--- Data to use Enclosed Below ---
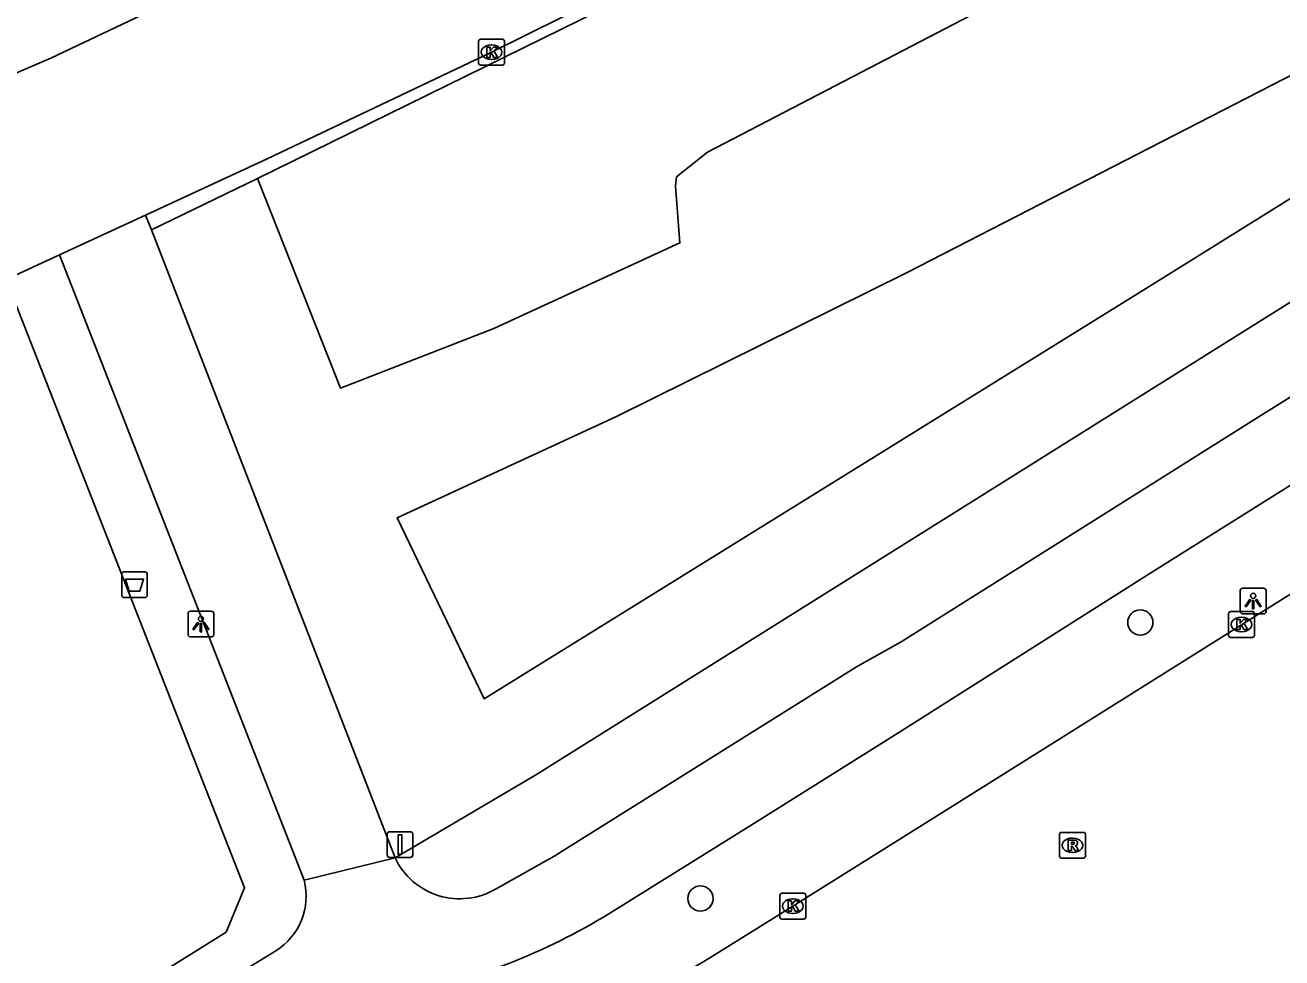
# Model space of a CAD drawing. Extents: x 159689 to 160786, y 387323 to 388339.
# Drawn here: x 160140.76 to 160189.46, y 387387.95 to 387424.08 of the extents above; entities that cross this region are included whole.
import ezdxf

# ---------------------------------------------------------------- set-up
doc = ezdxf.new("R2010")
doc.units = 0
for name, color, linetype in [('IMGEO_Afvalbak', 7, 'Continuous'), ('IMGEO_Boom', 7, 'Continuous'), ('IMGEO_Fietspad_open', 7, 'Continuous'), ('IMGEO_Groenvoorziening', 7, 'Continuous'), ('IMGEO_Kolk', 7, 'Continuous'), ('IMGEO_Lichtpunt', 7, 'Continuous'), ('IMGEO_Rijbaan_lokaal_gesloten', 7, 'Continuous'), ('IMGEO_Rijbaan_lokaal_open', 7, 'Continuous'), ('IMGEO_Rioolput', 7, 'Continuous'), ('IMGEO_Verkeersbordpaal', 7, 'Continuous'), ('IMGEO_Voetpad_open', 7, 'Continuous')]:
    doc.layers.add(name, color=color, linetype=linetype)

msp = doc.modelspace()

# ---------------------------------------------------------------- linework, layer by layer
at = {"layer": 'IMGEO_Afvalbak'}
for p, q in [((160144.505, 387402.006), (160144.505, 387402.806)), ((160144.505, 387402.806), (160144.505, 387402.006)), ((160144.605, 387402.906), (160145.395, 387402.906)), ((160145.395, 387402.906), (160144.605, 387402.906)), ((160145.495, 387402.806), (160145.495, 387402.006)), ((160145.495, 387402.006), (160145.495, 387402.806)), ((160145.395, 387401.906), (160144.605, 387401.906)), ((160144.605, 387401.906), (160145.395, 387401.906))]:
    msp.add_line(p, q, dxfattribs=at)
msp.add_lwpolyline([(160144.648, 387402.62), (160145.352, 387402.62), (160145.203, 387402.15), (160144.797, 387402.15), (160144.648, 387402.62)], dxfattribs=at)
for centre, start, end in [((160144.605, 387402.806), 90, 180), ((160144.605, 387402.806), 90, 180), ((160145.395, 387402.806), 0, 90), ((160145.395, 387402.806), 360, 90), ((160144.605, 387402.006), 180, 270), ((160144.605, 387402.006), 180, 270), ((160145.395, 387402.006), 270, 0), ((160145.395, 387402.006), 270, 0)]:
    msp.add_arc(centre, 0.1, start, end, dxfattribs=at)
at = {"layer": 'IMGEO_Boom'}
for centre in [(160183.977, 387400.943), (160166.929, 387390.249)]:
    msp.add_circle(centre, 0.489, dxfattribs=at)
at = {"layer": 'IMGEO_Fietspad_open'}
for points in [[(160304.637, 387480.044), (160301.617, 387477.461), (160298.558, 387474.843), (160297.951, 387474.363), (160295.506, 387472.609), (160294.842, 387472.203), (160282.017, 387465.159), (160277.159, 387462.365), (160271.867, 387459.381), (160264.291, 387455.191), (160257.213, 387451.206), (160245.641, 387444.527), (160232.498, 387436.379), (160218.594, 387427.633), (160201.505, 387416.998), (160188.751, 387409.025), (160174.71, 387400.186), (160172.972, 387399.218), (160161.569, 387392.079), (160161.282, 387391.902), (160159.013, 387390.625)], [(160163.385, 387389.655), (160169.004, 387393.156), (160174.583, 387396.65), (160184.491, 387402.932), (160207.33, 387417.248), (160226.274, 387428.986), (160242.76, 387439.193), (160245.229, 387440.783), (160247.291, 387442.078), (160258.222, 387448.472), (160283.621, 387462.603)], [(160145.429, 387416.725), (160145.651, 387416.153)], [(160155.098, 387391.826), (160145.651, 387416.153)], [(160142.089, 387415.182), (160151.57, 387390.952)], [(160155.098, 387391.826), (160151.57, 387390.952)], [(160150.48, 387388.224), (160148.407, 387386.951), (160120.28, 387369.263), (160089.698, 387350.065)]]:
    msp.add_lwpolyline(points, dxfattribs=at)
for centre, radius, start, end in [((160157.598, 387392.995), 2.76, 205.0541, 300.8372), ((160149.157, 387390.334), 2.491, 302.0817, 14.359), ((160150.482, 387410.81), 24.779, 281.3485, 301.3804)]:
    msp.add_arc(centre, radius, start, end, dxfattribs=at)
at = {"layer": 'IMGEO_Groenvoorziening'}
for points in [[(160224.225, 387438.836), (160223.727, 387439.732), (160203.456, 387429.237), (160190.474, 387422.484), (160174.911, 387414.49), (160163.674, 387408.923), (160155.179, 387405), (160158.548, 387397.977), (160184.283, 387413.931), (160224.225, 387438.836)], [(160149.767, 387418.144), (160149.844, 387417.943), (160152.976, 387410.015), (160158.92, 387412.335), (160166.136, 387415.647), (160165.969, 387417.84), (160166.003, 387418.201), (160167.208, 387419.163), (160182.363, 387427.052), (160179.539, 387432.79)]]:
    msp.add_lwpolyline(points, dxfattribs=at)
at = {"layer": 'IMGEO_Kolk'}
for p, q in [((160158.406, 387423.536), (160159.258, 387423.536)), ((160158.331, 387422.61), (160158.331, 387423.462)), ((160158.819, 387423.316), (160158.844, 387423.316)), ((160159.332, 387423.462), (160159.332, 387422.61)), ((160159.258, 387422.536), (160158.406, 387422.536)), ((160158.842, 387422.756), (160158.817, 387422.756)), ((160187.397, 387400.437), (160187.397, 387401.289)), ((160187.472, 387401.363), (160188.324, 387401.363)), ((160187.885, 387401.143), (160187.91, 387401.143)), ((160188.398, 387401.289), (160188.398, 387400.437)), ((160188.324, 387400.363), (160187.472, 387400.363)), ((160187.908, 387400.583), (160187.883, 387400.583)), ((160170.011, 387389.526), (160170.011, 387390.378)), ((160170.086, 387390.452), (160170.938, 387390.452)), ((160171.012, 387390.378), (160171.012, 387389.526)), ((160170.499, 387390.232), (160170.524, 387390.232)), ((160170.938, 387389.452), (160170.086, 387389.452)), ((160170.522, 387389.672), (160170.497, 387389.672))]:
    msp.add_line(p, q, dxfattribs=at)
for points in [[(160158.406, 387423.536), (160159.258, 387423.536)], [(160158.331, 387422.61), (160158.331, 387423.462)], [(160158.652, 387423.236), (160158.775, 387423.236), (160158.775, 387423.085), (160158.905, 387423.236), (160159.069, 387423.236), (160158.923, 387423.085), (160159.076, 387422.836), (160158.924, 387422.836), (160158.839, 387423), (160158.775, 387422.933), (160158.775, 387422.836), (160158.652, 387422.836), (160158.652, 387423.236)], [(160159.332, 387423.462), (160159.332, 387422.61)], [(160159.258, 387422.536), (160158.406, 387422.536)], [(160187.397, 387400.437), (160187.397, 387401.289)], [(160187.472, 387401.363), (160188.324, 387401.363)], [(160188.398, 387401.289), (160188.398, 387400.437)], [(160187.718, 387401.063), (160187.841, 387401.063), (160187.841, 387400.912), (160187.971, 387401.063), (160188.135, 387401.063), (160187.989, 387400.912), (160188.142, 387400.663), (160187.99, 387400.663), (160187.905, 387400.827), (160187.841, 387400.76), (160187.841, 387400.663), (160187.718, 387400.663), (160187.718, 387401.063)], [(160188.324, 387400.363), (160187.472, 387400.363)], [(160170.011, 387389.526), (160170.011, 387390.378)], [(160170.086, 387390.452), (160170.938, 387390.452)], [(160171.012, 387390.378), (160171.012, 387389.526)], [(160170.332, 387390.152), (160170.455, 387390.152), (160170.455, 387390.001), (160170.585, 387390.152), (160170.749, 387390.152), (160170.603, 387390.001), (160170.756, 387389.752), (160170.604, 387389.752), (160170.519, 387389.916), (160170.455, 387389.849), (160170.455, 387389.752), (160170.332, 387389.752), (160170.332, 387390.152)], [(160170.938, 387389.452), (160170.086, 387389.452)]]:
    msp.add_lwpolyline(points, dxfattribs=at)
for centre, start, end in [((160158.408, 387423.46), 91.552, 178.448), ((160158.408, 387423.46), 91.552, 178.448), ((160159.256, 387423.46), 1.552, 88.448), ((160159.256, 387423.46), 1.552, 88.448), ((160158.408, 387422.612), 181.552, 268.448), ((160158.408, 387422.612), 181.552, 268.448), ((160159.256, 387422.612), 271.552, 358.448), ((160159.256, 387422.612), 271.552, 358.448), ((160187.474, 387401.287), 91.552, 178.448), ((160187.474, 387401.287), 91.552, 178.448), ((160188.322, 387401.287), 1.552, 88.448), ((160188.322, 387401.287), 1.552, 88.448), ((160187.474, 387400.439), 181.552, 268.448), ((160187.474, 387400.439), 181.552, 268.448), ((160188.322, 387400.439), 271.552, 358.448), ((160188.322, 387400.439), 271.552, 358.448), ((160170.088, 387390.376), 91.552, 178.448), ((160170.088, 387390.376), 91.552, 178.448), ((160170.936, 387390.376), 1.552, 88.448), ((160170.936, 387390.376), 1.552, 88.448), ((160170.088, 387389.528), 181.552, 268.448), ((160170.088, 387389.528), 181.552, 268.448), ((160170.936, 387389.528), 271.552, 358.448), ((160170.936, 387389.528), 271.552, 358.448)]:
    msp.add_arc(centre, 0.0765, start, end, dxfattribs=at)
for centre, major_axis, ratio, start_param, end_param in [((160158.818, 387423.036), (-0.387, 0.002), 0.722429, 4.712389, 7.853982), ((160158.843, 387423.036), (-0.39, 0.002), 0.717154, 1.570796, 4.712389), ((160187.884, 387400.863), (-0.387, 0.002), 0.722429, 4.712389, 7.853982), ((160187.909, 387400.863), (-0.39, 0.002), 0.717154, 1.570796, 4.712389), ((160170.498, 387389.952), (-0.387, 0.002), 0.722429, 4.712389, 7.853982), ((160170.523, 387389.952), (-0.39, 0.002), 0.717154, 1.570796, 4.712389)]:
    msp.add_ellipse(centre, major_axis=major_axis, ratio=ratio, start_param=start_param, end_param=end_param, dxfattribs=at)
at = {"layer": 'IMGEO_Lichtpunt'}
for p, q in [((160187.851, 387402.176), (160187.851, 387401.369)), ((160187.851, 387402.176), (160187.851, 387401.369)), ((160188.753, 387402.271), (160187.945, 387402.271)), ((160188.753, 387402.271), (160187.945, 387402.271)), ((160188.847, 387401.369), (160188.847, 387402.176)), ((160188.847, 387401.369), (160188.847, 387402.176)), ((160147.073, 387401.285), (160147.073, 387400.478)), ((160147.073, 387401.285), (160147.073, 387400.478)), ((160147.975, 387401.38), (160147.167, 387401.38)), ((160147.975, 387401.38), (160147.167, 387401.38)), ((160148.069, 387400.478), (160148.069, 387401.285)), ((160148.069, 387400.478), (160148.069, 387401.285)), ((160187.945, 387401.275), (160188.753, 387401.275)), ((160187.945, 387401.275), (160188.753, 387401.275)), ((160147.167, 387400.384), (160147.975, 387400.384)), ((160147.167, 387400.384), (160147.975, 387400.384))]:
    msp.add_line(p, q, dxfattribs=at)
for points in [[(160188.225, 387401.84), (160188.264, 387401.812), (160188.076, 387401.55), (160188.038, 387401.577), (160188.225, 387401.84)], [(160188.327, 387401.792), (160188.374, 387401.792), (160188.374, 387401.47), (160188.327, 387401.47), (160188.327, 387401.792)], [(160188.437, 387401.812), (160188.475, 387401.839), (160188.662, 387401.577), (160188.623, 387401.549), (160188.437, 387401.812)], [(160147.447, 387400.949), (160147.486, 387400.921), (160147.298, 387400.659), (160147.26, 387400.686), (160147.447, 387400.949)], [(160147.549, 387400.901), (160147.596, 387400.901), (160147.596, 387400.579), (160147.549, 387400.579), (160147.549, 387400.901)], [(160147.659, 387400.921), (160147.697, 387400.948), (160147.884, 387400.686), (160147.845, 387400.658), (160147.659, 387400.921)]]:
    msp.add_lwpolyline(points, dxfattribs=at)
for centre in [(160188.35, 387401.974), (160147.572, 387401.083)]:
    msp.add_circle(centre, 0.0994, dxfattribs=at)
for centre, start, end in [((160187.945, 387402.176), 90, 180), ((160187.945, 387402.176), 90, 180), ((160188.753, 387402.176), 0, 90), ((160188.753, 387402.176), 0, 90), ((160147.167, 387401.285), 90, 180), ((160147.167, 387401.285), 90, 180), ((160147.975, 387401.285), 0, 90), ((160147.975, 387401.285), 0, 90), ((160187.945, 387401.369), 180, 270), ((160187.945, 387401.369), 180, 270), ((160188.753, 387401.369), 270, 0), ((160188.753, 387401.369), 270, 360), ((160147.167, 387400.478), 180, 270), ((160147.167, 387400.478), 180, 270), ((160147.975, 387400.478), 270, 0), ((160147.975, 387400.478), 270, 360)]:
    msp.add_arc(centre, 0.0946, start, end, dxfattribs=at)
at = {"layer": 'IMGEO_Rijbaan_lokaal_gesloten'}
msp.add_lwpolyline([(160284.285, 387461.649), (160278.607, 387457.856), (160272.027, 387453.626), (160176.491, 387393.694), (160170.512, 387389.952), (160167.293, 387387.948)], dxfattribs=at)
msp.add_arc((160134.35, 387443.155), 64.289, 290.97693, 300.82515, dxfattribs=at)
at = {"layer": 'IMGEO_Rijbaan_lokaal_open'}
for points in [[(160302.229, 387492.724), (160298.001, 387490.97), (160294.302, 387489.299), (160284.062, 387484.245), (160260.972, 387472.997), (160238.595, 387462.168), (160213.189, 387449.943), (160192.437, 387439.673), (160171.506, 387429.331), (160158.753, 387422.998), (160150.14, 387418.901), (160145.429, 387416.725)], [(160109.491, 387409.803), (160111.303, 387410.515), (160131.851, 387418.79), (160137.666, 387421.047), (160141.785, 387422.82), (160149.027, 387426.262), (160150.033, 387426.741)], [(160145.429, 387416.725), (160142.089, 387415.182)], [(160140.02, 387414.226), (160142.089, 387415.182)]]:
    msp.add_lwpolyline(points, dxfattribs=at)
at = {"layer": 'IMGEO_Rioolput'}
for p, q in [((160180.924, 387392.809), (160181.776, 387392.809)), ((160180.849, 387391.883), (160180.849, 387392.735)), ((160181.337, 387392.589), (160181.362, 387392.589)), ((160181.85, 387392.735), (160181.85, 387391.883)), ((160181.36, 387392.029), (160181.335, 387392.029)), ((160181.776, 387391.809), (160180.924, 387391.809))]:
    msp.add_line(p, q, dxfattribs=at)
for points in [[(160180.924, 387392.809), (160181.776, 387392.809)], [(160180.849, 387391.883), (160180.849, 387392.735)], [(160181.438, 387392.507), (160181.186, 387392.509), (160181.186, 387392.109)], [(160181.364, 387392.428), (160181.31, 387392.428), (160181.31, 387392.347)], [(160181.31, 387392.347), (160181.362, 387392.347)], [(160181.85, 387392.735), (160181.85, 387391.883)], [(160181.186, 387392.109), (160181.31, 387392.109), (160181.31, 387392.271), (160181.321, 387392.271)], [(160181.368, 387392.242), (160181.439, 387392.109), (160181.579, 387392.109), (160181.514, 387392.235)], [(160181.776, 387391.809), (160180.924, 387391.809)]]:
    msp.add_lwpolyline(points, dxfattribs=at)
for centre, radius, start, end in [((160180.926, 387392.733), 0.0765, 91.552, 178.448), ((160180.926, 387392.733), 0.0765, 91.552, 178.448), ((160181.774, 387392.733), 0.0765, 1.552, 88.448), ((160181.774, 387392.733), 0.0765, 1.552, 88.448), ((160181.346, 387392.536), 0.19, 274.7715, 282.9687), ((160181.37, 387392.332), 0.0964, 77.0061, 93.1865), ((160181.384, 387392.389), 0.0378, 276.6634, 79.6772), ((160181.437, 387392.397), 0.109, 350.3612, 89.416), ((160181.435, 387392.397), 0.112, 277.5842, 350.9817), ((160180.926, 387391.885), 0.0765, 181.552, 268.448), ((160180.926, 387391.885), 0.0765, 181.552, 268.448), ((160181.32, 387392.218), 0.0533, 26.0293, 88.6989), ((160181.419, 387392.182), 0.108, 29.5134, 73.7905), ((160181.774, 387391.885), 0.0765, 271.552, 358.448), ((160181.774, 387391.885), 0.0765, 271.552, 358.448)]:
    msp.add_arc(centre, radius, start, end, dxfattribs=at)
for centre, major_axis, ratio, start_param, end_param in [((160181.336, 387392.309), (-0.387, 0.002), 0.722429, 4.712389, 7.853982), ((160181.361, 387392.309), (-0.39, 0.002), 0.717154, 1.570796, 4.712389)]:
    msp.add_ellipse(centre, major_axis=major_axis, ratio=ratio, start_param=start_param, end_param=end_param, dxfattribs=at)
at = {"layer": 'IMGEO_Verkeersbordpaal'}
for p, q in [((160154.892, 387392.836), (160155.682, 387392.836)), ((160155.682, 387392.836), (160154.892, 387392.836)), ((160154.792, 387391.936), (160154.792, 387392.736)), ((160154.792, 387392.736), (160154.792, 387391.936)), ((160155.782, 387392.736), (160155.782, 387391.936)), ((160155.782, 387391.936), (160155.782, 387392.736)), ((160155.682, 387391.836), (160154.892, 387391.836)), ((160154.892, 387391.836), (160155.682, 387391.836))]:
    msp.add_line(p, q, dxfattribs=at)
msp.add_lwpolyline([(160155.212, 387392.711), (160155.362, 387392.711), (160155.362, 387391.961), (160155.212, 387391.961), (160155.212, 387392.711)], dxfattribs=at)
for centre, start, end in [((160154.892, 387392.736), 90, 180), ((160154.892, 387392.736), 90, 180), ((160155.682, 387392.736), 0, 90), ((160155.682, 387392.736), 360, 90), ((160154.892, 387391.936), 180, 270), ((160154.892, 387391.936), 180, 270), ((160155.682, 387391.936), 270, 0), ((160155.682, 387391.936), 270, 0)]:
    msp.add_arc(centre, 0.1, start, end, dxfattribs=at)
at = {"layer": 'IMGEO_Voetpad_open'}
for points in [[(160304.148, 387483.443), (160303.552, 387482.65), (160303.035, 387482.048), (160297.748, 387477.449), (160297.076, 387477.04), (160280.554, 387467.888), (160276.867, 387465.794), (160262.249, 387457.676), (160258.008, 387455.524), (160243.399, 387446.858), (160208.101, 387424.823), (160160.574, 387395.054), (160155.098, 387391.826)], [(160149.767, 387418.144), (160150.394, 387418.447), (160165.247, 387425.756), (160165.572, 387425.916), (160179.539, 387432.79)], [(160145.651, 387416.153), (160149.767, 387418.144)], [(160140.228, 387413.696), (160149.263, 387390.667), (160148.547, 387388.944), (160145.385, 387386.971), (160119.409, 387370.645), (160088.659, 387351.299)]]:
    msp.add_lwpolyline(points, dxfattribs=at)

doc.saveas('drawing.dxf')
--- End of Enclosed Data to use ---
• _Exercise prompt_: Say how many lines in the records include the string "name", giving the figure by itself.

• _Reply_: 2